- _Activity_
From the entries that follow, extract each line holding the string "SHAFT".

- _Listed entries_
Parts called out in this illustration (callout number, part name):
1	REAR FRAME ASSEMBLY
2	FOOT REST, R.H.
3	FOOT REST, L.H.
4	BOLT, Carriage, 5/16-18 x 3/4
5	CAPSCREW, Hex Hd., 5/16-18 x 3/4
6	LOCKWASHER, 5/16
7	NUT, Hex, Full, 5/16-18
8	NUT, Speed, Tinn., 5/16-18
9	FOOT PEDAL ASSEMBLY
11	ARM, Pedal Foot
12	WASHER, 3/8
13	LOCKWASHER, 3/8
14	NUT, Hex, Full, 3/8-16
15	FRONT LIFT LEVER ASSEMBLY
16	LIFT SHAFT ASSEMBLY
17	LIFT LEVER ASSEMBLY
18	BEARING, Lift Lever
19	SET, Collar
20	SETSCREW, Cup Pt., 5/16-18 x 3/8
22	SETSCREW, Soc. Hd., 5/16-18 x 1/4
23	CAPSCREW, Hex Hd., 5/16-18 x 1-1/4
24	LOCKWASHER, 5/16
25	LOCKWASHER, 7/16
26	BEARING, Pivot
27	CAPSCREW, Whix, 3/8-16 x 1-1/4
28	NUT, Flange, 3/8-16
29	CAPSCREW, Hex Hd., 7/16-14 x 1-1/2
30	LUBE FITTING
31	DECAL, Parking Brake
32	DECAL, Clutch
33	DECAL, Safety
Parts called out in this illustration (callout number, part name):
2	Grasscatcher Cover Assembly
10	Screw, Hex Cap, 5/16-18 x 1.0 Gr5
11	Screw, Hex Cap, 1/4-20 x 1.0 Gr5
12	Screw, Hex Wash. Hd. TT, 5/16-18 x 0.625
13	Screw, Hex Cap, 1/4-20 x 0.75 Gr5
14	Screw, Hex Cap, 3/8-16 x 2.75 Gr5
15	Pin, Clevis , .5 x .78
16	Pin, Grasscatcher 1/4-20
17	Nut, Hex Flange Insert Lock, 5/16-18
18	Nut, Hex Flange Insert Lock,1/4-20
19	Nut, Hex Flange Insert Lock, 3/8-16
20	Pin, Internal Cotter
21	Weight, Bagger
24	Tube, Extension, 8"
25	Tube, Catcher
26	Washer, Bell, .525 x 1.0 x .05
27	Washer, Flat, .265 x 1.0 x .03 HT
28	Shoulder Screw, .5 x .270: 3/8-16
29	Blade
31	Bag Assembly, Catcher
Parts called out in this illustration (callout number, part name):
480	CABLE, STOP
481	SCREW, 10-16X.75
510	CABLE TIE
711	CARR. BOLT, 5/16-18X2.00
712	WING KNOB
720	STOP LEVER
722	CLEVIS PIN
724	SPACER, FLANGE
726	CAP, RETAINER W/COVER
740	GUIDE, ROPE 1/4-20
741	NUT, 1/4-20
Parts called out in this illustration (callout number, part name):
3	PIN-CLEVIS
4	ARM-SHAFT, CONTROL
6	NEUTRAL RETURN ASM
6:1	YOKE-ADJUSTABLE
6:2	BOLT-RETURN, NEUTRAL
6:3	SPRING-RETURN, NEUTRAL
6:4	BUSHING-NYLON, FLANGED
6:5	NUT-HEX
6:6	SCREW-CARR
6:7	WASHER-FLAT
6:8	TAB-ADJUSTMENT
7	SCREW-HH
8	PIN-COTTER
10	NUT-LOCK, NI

- _Result for this task_
16	LIFT SHAFT ASSEMBLY
4	ARM-SHAFT, CONTROL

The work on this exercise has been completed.